Is one small California city exempt from the state’s plastic bag ban? (Sacramento Bee)
As plastic bags are taken off checkout counters across California, one Placer County suburb says its businesses are protected from the statewide plastic bag ban. In August 2014, Lincoln passed a resolution intended to allow businesses to choose whether or not to follow a statewide bag ban. Now that voters have upheld the ban by voting in Proposition 67, Lincoln says its businesses are exempt. The state legislation underlying Proposition 67, SB 270, contains a clause that any local public agency that “adopted, before September 1, 2014, an ordinance, resolution, regulation, or rule relating to reusable grocery bags, single-use carryout bags, or recycled paper bags may continue to enforce and implement that ordinance, resolution, regulation, or rule.”
Lincoln
 
PUBLIC SAFETY
Sacramento City Council to vote on police reform (Sacramento Bee)
Nearly five months after police officers shot and killed a mentally ill man in North Sacramento, prompting community demands for police reform, a proposal before the Sacramento City Council this week may increase oversight of the department.

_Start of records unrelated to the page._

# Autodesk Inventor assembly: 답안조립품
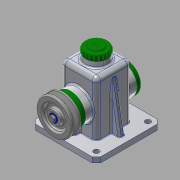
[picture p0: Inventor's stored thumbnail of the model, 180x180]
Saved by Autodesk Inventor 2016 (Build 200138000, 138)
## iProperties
Created: 2018-10
Part Number: 답안조립품
Material: 일반
Document SubType Name: Assembly
Designer: user
Author: user
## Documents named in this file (14)
- C:\Users\user\Desktop\481016V1014\답안조립품.iam
- C:\Users\user\Desktop\481016V1014\본체.ipt
- C:\Users\user\Desktop\481016V1014\뒤커버.ipt
- C:\Users\user\Desktop\481016V1014\상부캡.ipt
- C:\Users\user\Desktop\481016V1014\앞커버.ipt
- C:\Users\user\Desktop\481016V1014\베어링 15 x 35 x 11.ipt
- C:\Users\user\Desktop\481016V1014\축.ipt
- C:\Users\user\Desktop\481016V1014\오일실 15 25 7.ipt
- C:\Users\user\Desktop\481016V1014\멈춤링 15 x 1.ipt
- C:\Users\user\Desktop\481016V1014\키 5 x 5 x 14.ipt
- C:\Users\user\Desktop\481016V1014\V-벨트풀리.ipt
- C:\Users\user\Desktop\481016V1014\볼트 M6 x 12.ipt
- C:\Users\user\Desktop\481016V1014\와셔.ipt
- C:\Users\user\Desktop\481016V1014\볼트 M4 x 10.ipt
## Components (1 placed, 1 different names)
1. V-벨트풀리:1 — 각도:1
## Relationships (1: Angle 1)
- 각도:1 [Angle]: V-벨트풀리:1
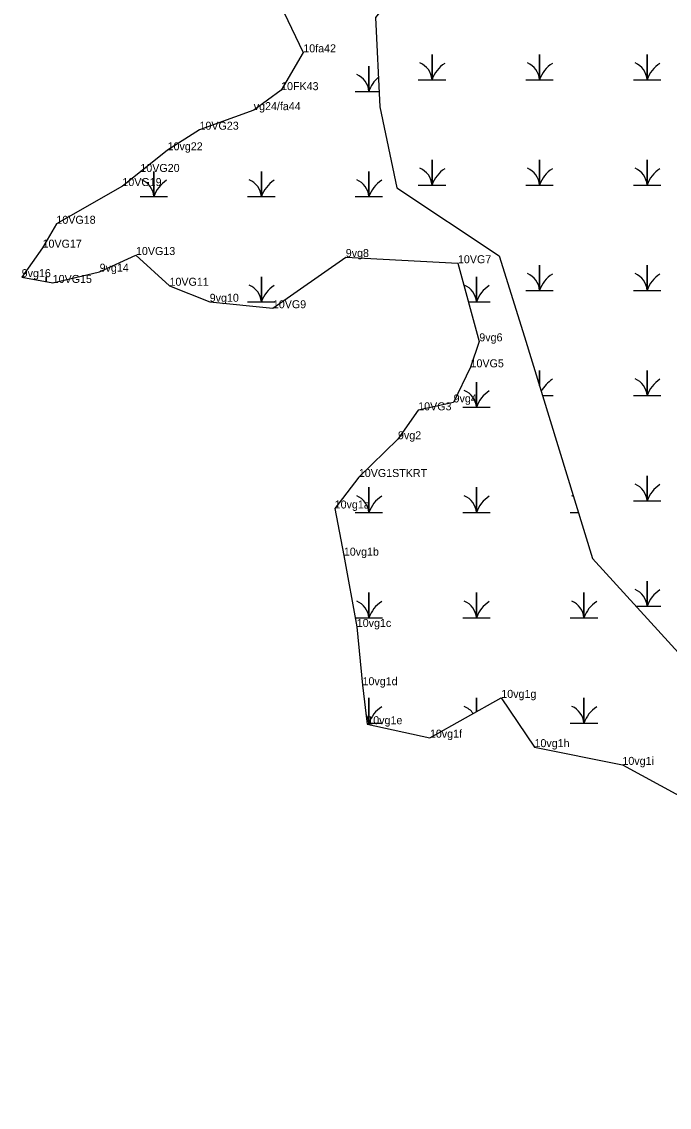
# Model space of a CAD drawing. Extents: x 2072529 to 2268796, y 436423 to 470397.
# Drawn here: x 2218413 to 2218818, y 449255 to 449933 of the extents above; entities that cross this region are included whole.
import ezdxf

# ---------------------------------------------------------------- set-up
doc = ezdxf.new("R2010")
doc.units = 0
for name, color, linetype in [('Exist Environmental Wetland Boundary', 7, 'Continuous'), ('Exist Environmental Wetland Boundary Cogo Comment', 7, 'Continuous'), ('Exist Environmental Wetland Boundary Cogo Point CELL', 7, 'Continuous'), ('Exist Hydro Jurisdictional Stream or Body of Water NEU Mitigable', 7, 'Continuous'), ('Exist Hydro Swamp or Marsh', 7, 'Continuous')]:
    doc.layers.add(name, color=color, linetype=linetype)

msp = doc.modelspace()

# ---------------------------------------------------------------- linework, layer by layer
at = {"layer": 'Exist Environmental Wetland Boundary'}
for points in [[(2218576.58, 449938.89), (2218588.8, 449913.82), (2218574.92, 449890.19), (2218557.81, 449877.7), (2218523.88, 449865.47), (2218503.95, 449852.61), (2218486.91, 449839.08), (2218475.66, 449830.27), (2218434.4, 449806.7), (2218425.75, 449791.75), (2218412.7, 449773.34), (2218432.08, 449769.73), (2218461.44, 449776.76), (2218484.17, 449787.18), (2218505.14, 449767.97), (2218530.27, 449757.96), (2218569.77, 449753.92), (2218615.36, 449785.92), (2218685.51, 449782.04), (2218698.88, 449733.24), (2218693.38, 449717.01), (2218682.81, 449695.07), (2218660.66, 449690.13), (2218648.02, 449672.03), (2218623.54, 449648.45)], [(2218623.54, 449648.45), (2218608.43, 449628.79), (2218614.15, 449599.32), (2218622.25, 449554.75), (2218625.83, 449518.36), (2218628.83, 449494), (2218667.98, 449485.58), (2218712.63, 449510.45), (2218733.38, 449479.68), (2218788.37, 449468.57)], [(2218788.37, 449468.57), (2218824.12, 449449.24), (2218880.96, 449410.75), (2218954.22, 449357.03), (2219012.6, 449309.82), (2219086.75, 449254.63)]]:
    msp.add_lwpolyline(points, dxfattribs=at)
at = {"layer": 'Exist Environmental Wetland Boundary Cogo Point CELL'}
for p, q in [((2218588.8, 449913.82), (2218588.8, 449913.82)), ((2218574.92, 449890.19), (2218574.92, 449890.19)), ((2218574.92, 449890.19), (2218574.92, 449890.19)), ((2218557.81, 449877.7), (2218557.81, 449877.7)), ((2218523.88, 449865.47), (2218523.88, 449865.47)), ((2218523.88, 449865.47), (2218523.88, 449865.47)), ((2218503.95, 449852.61), (2218503.95, 449852.61)), ((2218486.91, 449839.08), (2218486.91, 449839.08)), ((2218486.91, 449839.08), (2218486.91, 449839.08)), ((2218475.66, 449830.27), (2218475.66, 449830.27)), ((2218475.66, 449830.27), (2218475.66, 449830.27)), ((2218434.4, 449806.7), (2218434.4, 449806.7)), ((2218434.4, 449806.7), (2218434.4, 449806.7)), ((2218425.75, 449791.75), (2218425.75, 449791.75)), ((2218425.75, 449791.75), (2218425.75, 449791.75)), ((2218484.17, 449787.18), (2218484.17, 449787.18)), ((2218484.17, 449787.18), (2218484.17, 449787.18)), ((2218615.36, 449785.92), (2218615.36, 449785.92)), ((2218685.51, 449782.04), (2218685.51, 449782.04)), ((2218685.51, 449782.04), (2218685.51, 449782.04)), ((2218412.7, 449773.34), (2218412.7, 449773.34)), ((2218461.44, 449776.76), (2218461.44, 449776.76)), ((2218432.08, 449769.73), (2218432.08, 449769.73)), ((2218432.08, 449769.73), (2218432.08, 449769.73)), ((2218505.14, 449767.97), (2218505.14, 449767.97)), ((2218505.14, 449767.97), (2218505.14, 449767.97)), ((2218530.27, 449757.96), (2218530.27, 449757.96)), ((2218569.77, 449753.92), (2218569.77, 449753.92)), ((2218569.77, 449753.92), (2218569.77, 449753.92)), ((2218698.88, 449733.24), (2218698.88, 449733.24)), ((2218693.38, 449717.01), (2218693.38, 449717.01)), ((2218693.38, 449717.01), (2218693.38, 449717.01)), ((2218660.66, 449690.13), (2218660.66, 449690.13)), ((2218660.66, 449690.13), (2218660.66, 449690.13)), ((2218682.81, 449695.07), (2218682.81, 449695.07)), ((2218648.02, 449672.03), (2218648.02, 449672.03)), ((2218623.54, 449648.45), (2218623.54, 449648.45)), ((2218623.54, 449648.45), (2218623.54, 449648.45)), ((2218608.43, 449628.79), (2218608.43, 449628.79)), ((2218614.15, 449599.32), (2218614.15, 449599.32)), ((2218622.25, 449554.75), (2218622.25, 449554.75)), ((2218625.83, 449518.36), (2218625.83, 449518.36)), ((2218712.63, 449510.45), (2218712.63, 449510.45)), ((2218628.83, 449494), (2218628.83, 449494)), ((2218667.98, 449485.58), (2218667.98, 449485.58)), ((2218733.38, 449479.68), (2218733.38, 449479.68)), ((2218788.37, 449468.57), (2218788.37, 449468.57))]:
    msp.add_line(p, q, dxfattribs=at)
at = {"layer": 'Exist Hydro Jurisdictional Stream or Body of Water NEU Mitigable'}
msp.add_lwpolyline([(2218535.63, 450404.2), (2218554.25, 450332.33), (2218567.55, 450265.78), (2218567.55, 450228.51), (2218580.85, 450148.65), (2218591.49, 450066.12), (2218615.44, 450031.52), (2218650.02, 450012.88), (2218660.66, 449994.25), (2218652.68, 449959.64), (2218634.06, 449935.68), (2218636.72, 449879.78), (2218647.36, 449829.2), (2218711.2, 449786.61), (2218727.16, 449736.03), (2218769.73, 449597.6), (2218825.59, 449536.38), (2218892.1, 449475.15), (2218953.28, 449435.22), (2219051.71, 449381.98), (2219115.55, 449339.39), (2219162.87, 449300.4)], dxfattribs=at)
at = {"layer": 'Exist Hydro Swamp or Marsh'}
for points in [[(2218660.71, 449896.7), (2218669.31, 449896.7), (2218669.31, 449912.48), (2218669.31, 449896.7), (2218677.91, 449896.7)], [(2218727.96, 449896.7), (2218736.56, 449896.7), (2218736.56, 449912.48), (2218736.56, 449896.7), (2218745.16, 449896.7)], [(2218795.21, 449896.7), (2218803.81, 449896.7), (2218803.81, 449912.48), (2218803.81, 449896.7), (2218812.41, 449896.7)], [(2218621.23, 449889.45), (2218629.83, 449889.45), (2218629.83, 449905.23), (2218629.83, 449889.45), (2218636.26, 449889.45)], [(2218660.71, 449830.9), (2218669.31, 449830.9), (2218669.31, 449846.68), (2218669.31, 449830.9), (2218677.91, 449830.9)], [(2218727.96, 449830.9), (2218736.56, 449830.9), (2218736.56, 449846.68), (2218736.56, 449830.9), (2218745.16, 449830.9)], [(2218795.21, 449830.9), (2218803.81, 449830.9), (2218803.81, 449846.68), (2218803.81, 449830.9), (2218812.41, 449830.9)], [(2218486.73, 449823.65), (2218495.33, 449823.65), (2218495.33, 449839.43), (2218495.33, 449823.65), (2218503.93, 449823.65)], [(2218553.98, 449823.65), (2218562.58, 449823.65), (2218562.58, 449839.43), (2218562.58, 449823.65), (2218571.18, 449823.65)], [(2218621.23, 449823.65), (2218629.83, 449823.65), (2218629.83, 449839.43), (2218629.83, 449823.65), (2218638.43, 449823.65)], [(2218727.96, 449765.1), (2218736.56, 449765.1), (2218736.56, 449780.88), (2218736.56, 449765.1), (2218745.16, 449765.1)], [(2218795.21, 449765.1), (2218803.81, 449765.1), (2218803.81, 449780.88), (2218803.81, 449765.1), (2218812.41, 449765.1)], [(2218428.08, 449770.47), (2218428.08, 449773.63), (2218428.08, 449770.47)], [(2218553.98, 449757.85), (2218562.58, 449757.85), (2218562.58, 449773.63), (2218562.58, 449757.85), (2218571.18, 449757.85)], [(2218692.14, 449757.85), (2218697.08, 449757.85), (2218697.08, 449773.63), (2218697.08, 449757.85), (2218705.68, 449757.85)], [(2218736.56, 449705.47), (2218736.56, 449715.08), (2218736.56, 449705.47)], [(2218795.21, 449699.3), (2218803.81, 449699.3), (2218803.81, 449715.08), (2218803.81, 449699.3), (2218812.41, 449699.3)], [(2218688.48, 449692.05), (2218697.08, 449692.05), (2218697.08, 449707.83), (2218697.08, 449692.05), (2218705.68, 449692.05)], [(2218738.46, 449699.3), (2218745.16, 449699.3)], [(2218795.21, 449633.5), (2218803.81, 449633.5), (2218803.81, 449649.28), (2218803.81, 449633.5), (2218812.41, 449633.5)], [(2218621.23, 449626.25), (2218629.83, 449626.25), (2218629.83, 449642.03), (2218629.83, 449626.25), (2218638.43, 449626.25)], [(2218688.48, 449626.25), (2218697.08, 449626.25), (2218697.08, 449642.03), (2218697.08, 449626.25), (2218705.68, 449626.25)], [(2218755.73, 449626.25), (2218760.92, 449626.25)], [(2218797.01, 449567.7), (2218803.81, 449567.7), (2218803.81, 449583.48), (2218803.81, 449567.7), (2218812.41, 449567.7)], [(2218621.23, 449560.45), (2218629.83, 449560.45), (2218629.83, 449576.23), (2218629.83, 449560.45), (2218638.43, 449560.45)], [(2218688.48, 449560.45), (2218697.08, 449560.45), (2218697.08, 449576.23), (2218697.08, 449560.45), (2218705.68, 449560.45)], [(2218755.73, 449560.45), (2218764.33, 449560.45), (2218764.33, 449576.23), (2218764.33, 449560.45), (2218772.93, 449560.45)], [(2218628.75, 449494.65), (2218629.83, 449494.65), (2218629.83, 449510.43), (2218629.83, 449494.65), (2218638.43, 449494.65)], [(2218697.08, 449501.79), (2218697.08, 449510.43), (2218697.08, 449501.79)], [(2218755.73, 449494.65), (2218764.33, 449494.65), (2218764.33, 449510.43), (2218764.33, 449494.65), (2218772.93, 449494.65)]]:
    msp.add_lwpolyline(points, dxfattribs=at)
for centre, radius, start, end in [((2218657.04, 449895.81), 12.3, 4.14034, 67.53497), ((2218687.55, 449890.64), 19.22, 122.12745, 161.62219), ((2218724.29, 449895.81), 12.3, 4.14034, 67.53497), ((2218754.8, 449890.64), 19.22, 122.12745, 161.62219), ((2218791.54, 449895.81), 12.3, 4.14034, 67.53497), ((2218822.05, 449890.64), 19.22, 122.12745, 161.62219), ((2218617.56, 449888.56), 12.3, 4.14034, 67.53497), ((2218648.07, 449883.39), 19.22, 129.50872, 161.62219), ((2218657.04, 449830.01), 12.3, 4.14034, 67.53497), ((2218687.55, 449824.84), 19.22, 122.12745, 161.62219), ((2218724.29, 449830.01), 12.3, 4.14034, 67.53497), ((2218754.8, 449824.84), 19.22, 122.12745, 161.62219), ((2218791.54, 449830.01), 12.3, 4.14034, 67.53497), ((2218822.05, 449824.84), 19.22, 122.12745, 161.62219), ((2218483.06, 449822.76), 12.3, 4.14034, 67.53497), ((2218513.57, 449817.59), 19.22, 122.12745, 161.62219), ((2218550.31, 449822.76), 12.3, 4.14034, 67.53497), ((2218580.82, 449817.59), 19.22, 122.12745, 161.62219), ((2218617.56, 449822.76), 12.3, 4.14034, 67.53497), ((2218648.07, 449817.59), 19.22, 122.12745, 161.62219), ((2218724.29, 449764.21), 12.3, 4.14034, 67.53497), ((2218754.8, 449759.04), 19.22, 122.12745, 161.62219), ((2218791.54, 449764.21), 12.3, 4.14034, 67.53497), ((2218822.05, 449759.04), 19.22, 122.12745, 161.62219), ((2218550.31, 449756.96), 12.3, 4.14034, 67.53497), ((2218580.82, 449751.79), 19.22, 122.12745, 161.62219), ((2218684.81, 449756.96), 12.3, 4.14034, 67.53497), ((2218715.32, 449751.79), 19.22, 122.12745, 161.62219), ((2218754.8, 449693.24), 19.22, 122.12745, 153.14806), ((2218791.54, 449698.41), 12.3, 4.14034, 67.53497), ((2218822.05, 449693.24), 19.22, 122.12745, 161.62219), ((2218684.81, 449691.16), 12.3, 4.14034, 67.53497), ((2218715.32, 449685.99), 19.22, 122.12745, 161.62219), ((2218791.54, 449632.61), 12.3, 4.14034, 67.53497), ((2218822.05, 449627.44), 19.22, 122.12745, 161.62219), ((2218617.56, 449625.36), 12.3, 4.14034, 67.53497), ((2218648.07, 449620.19), 19.22, 122.12745, 161.62219), ((2218684.81, 449625.36), 12.3, 4.14034, 67.53497), ((2218715.32, 449620.19), 19.22, 122.12745, 161.62219), ((2218752.06, 449625.36), 12.3, 61.87866, 67.53497), ((2218791.54, 449566.81), 12.3, 4.14034, 67.53497), ((2218822.05, 449561.64), 19.22, 122.12745, 161.62219), ((2218617.56, 449559.56), 12.3, 4.14034, 67.53497), ((2218648.07, 449554.39), 19.22, 122.12745, 161.62219), ((2218684.81, 449559.56), 12.3, 4.14034, 67.53497), ((2218715.32, 449554.39), 19.22, 122.12745, 161.62219), ((2218752.06, 449559.56), 12.3, 4.14034, 67.53497), ((2218782.57, 449554.39), 19.22, 122.12745, 161.62219), ((2218617.56, 449493.76), 12.3, 4.14034, 31.27311), ((2218648.07, 449488.59), 19.22, 122.12745, 161.62219), ((2218684.81, 449493.76), 12.3, 33.98168, 67.53497), ((2218752.06, 449493.76), 12.3, 4.14034, 67.53497), ((2218782.57, 449488.59), 19.22, 122.12745, 161.62219)]:
    msp.add_arc(centre, radius, start, end, dxfattribs=at)

# ---------------------------------------------------------------- texts
at = {"layer": 'Exist Environmental Wetland Boundary Cogo Comment'}
for s, p in [('10fa42', (2218588.8, 449913.82)), ('10FK43', (2218574.92, 449890.19)), ('vg24/fa44', (2218557.81, 449877.7)), ('10VG23', (2218523.88, 449865.47)), ('10vg22', (2218503.95, 449852.61)), ('10VG20', (2218486.91, 449839.08)), ('10VG19', (2218475.66, 449830.27)), ('10VG18', (2218434.4, 449806.7)), ('10VG17', (2218425.75, 449791.75)), ('10VG13', (2218484.17, 449787.18)), ('9vg8', (2218615.36, 449785.92)), ('10VG7', (2218685.51, 449782.04)), ('9vg16', (2218412.7, 449773.34)), ('9vg14', (2218461.44, 449776.76)), ('10VG15', (2218432.08, 449769.73)), ('10VG11', (2218505.14, 449767.97)), ('9vg10', (2218530.27, 449757.96)), ('10VG9', (2218569.77, 449753.92)), ('9vg6', (2218698.88, 449733.24)), ('10VG5', (2218693.38, 449717.01)), ('9vg4', (2218682.81, 449695.07)), ('10VG3', (2218660.66, 449690.13)), ('9vg2', (2218648.02, 449672.03)), ('10VG1STKRT', (2218623.54, 449648.45)), ('10vg1a', (2218608.43, 449628.79)), ('10vg1b', (2218614.15, 449599.32)), ('10vg1c', (2218622.25, 449554.75)), ('10vg1d', (2218625.83, 449518.36)), ('10vg1g', (2218712.63, 449510.45)), ('10vg1e', (2218628.83, 449494)), ('10vg1f', (2218667.98, 449485.58)), ('10vg1h', (2218733.38, 449479.68)), ('10vg1i', (2218788.37, 449468.57))]:
    msp.add_text(s, height=5, dxfattribs=at).set_placement(p)

doc.saveas('drawing.dxf')

On Tuesday, the City Council will vote on a package of reforms, including a recommendation for a revised community police review commission and a requirement to release video in officer-involved shootings within 30 days unless the City Council votes to withhold it under special circumstances. The proposal also includes a resolution directing the Sacramento Police Department to put more emphasis on using nonlethal methods to subdue suspects.
Sacramento
 
MARIJUANA
Marijuana doctors get new business buzz from legalization in California (Sacramento Bee)
In the weeks since Californians voted to legalize marijuana for recreational use, the phones have been ringing more intensely and the flow of walk-in patients has picked up at 420 Med Evaluations, a midtown Sacramento clinic specializing in medicinal pot referrals. The passage of Proposition 64 on Nov. 8 instantly allowed adults 21 and older to consume marijuana, regardless of medical need. Along with that, went the thinking, people seeking pot for pleasurable pursuit no longer had to endure the inconvenience of going to a doctor and citing a physical ailment to get a medical recommendation to legally light up a joint.
Statewide
 
PENSION
Supreme Court agrees to rule on its own pensions (CalPensions)
The state Supreme Court last week agreed to hear an appeal of a groundbreaking ruling that allows cuts in the pensions earned by current state and local government workers, including judges. When judges have an obvious conflict of interest and excuse themselves from ruling on a case, the legal term is “recuse.” But the seven Supreme Court justices seem unlikely to recuse themselves from a possible landmark ruling on this Marin County pension case, mainly because there is no clear alternative.